Today I saw General Boelle, whose motor stopped on the road quite close to our camp. He is a man with refined features, of cheerful expression, still youthful-looking despite his white hair and grizzled moustache.

The classic popularity of war trophies has not diminished. Quite a crowd collected round a cyclist who had brought back from Mangiennes two German cowskin bags and a Mauser rifle. It is astonishing how quickly instinct develops in war. All civilization disappears almost at once, and the relations between man and man become primitively direct. One’s first preoccupation is to make oneself respected.

This necessity is not implicitly recognized by all, but every one acts as if he recognized it. Then again, the sense of authority becomes transformed. The authority conferred on the Captain by his rank diminishes, while that which he owes to his character increases in proportion. Authority has, in fact, but one measure: the confidence of the men in the capability of their officer.
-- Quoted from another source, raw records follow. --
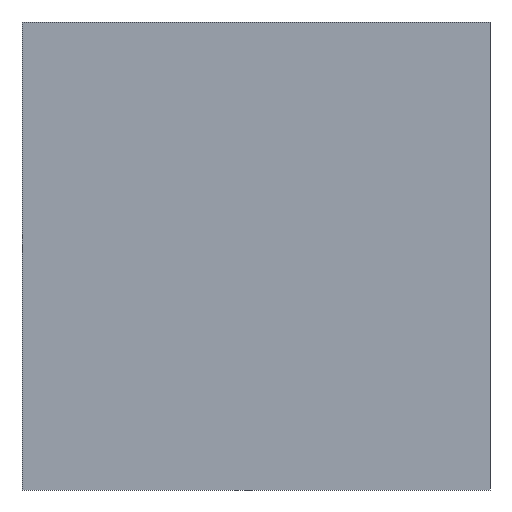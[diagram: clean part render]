
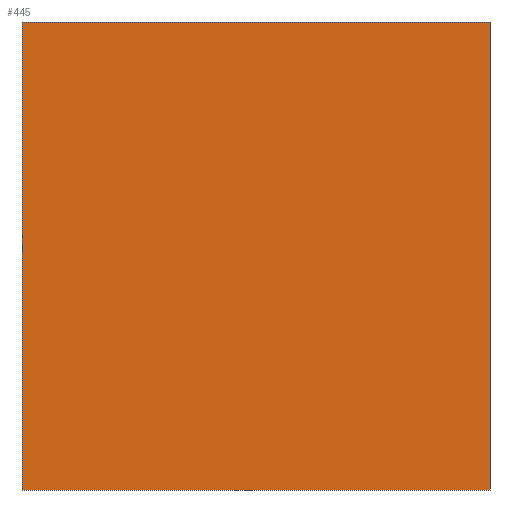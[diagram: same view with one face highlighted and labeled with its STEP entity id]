
A CAD part, front view. The second image highlights one B-rep face of the part: STEP entity #445.
In plain terms, the highlighted planar face has unit normal (0, -1, 0).
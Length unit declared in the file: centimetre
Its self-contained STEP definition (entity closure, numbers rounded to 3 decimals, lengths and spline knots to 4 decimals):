
#59 = LINE ( 'NONE', #256, #305 ) ;
#61 = VERTEX_POINT ( 'NONE', #610 ) ;
#82 = VERTEX_POINT ( 'NONE', #502 ) ;
#98 = CARTESIAN_POINT ( 'NONE',  ( 0., 0., 1000. ) ) ;
#126 = VECTOR ( 'NONE', #127, 100. ) ;
#127 = DIRECTION ( 'NONE',  ( 0., 0., -1. ) ) ;
#169 = CARTESIAN_POINT ( 'NONE',  ( 0., 0., 1000. ) ) ;
#173 = LINE ( 'NONE', #169, #126 ) ;
#199 = VERTEX_POINT ( 'NONE', #537 ) ;
#241 = DIRECTION ( 'NONE',  ( 1., 0., 0. ) ) ;
#256 = CARTESIAN_POINT ( 'NONE',  ( 0., 0., 0. ) ) ;
#284 = ORIENTED_EDGE ( 'NONE', *, *, #686, .T. ) ;
#291 = DIRECTION ( 'NONE',  ( 0., 0., 1. ) ) ;
#305 = VECTOR ( 'NONE', #536, 100. ) ;
#308 = EDGE_CURVE ( 'NONE', #82, #464, #556, .T. ) ;
#316 = ORIENTED_EDGE ( 'NONE', *, *, #612, .T. ) ;
#350 = CARTESIAN_POINT ( 'NONE',  ( 0., 0., 1000. ) ) ;
#362 = DIRECTION ( 'NONE',  ( 0., 1., 0. ) ) ;
#413 = EDGE_CURVE ( 'NONE', #61, #82, #579, .T. ) ;
#445 = ADVANCED_FACE ( 'NONE', ( #453 ), #572, .F. ) ;
#453 = FACE_OUTER_BOUND ( 'NONE', #527, .T. ) ;
#455 = ORIENTED_EDGE ( 'NONE', *, *, #413, .F. ) ;
#464 = VERTEX_POINT ( 'NONE', #516 ) ;
#499 = CARTESIAN_POINT ( 'NONE',  ( 1000., 0., 1000. ) ) ;
#502 = CARTESIAN_POINT ( 'NONE',  ( 1000., 0., 1000. ) ) ;
#516 = CARTESIAN_POINT ( 'NONE',  ( 1000., 0., 0. ) ) ;
#527 = EDGE_LOOP ( 'NONE', ( #316, #547, #455, #284 ) ) ;
#536 = DIRECTION ( 'NONE',  ( 1., 0., 0. ) ) ;
#537 = CARTESIAN_POINT ( 'NONE',  ( 0., 0., 0. ) ) ;
#544 = VECTOR ( 'NONE', #607, 100. ) ;
#547 = ORIENTED_EDGE ( 'NONE', *, *, #308, .F. ) ;
#556 = LINE ( 'NONE', #499, #544 ) ;
#572 = PLANE ( 'NONE',  #698 ) ;
#579 = LINE ( 'NONE', #98, #581 ) ;
#581 = VECTOR ( 'NONE', #241, 100. ) ;
#607 = DIRECTION ( 'NONE',  ( 0., 0., -1. ) ) ;
#610 = CARTESIAN_POINT ( 'NONE',  ( 0., 0., 1000. ) ) ;
#612 = EDGE_CURVE ( 'NONE', #199, #464, #59, .T. ) ;
#686 = EDGE_CURVE ( 'NONE', #61, #199, #173, .T. ) ;
#698 = AXIS2_PLACEMENT_3D ( 'NONE', #350, #362, #291 ) ;
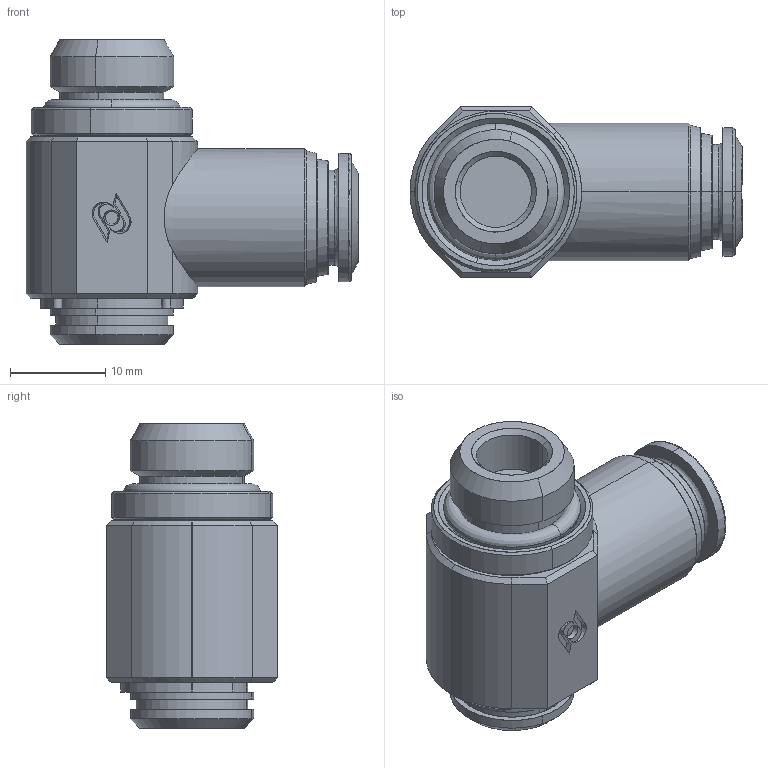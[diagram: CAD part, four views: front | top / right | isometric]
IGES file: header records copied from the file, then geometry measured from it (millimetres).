
Start section: SolidWorks IGES file using analytic representation for surfaces
Global section: file name: K:\Disegni Esecutivi\Serie 57000\ASSIEMI_57000\57550\ASSIEMI_PIENI_57550\5755000006.IGS; native system: SolidWorks 2008; preprocessor: SolidWorks 2008; author: cad02; date: 080218.172846; units: millimetre
Bounding box: 34.9 x 18 x 32 mm (x, y, z)
Surface area: 3954.3 mm2 (no closed solid volume)
Topology: 0 solids, 0 shells, 181 faces, 2318 edges, 2318 vertices
Faces by surface type: revolution 96, bspline 85

For this reason our Captain, Bernard de Brisoult, in whom even the densest among us has recognized exceptional intelligence and decision under a great charm of manner and invariable courtesy, exercises, thanks to this confidence, a beneficial influence upon all. And yet his actual personality, as our chief, makes little impression upon, one at first. Captain de Brisoult never commands. He gives his orders in an ordinary conversational tone; but, a man of inborn tact and refinement, he always remains the Captain, even while living with his men upon terms of intimacy. It is hard to say whether he is more loved than respected, or more respected than loved. And soldiers know something about men.

In the rough masculine relations between the artillerymen among themselves there nevertheless remains a place for great friendships, but they become rarer. The ties of simple barrack comradeship either disappear or harden into tacit treaties of real friendship. The mainspring of this is rather egoism than a need of affection. One is vividly conscious of the necessity of having close at hand a man upon whose assistance one can always rely, and to whom one knows one can turn in no matter what circumstances. In the relationships thus solidly established, without any words, a choice is implied; they are not engendered by affinities of character alone. One learns to appreciate in one’s friend his value as a help and also his strength and courage.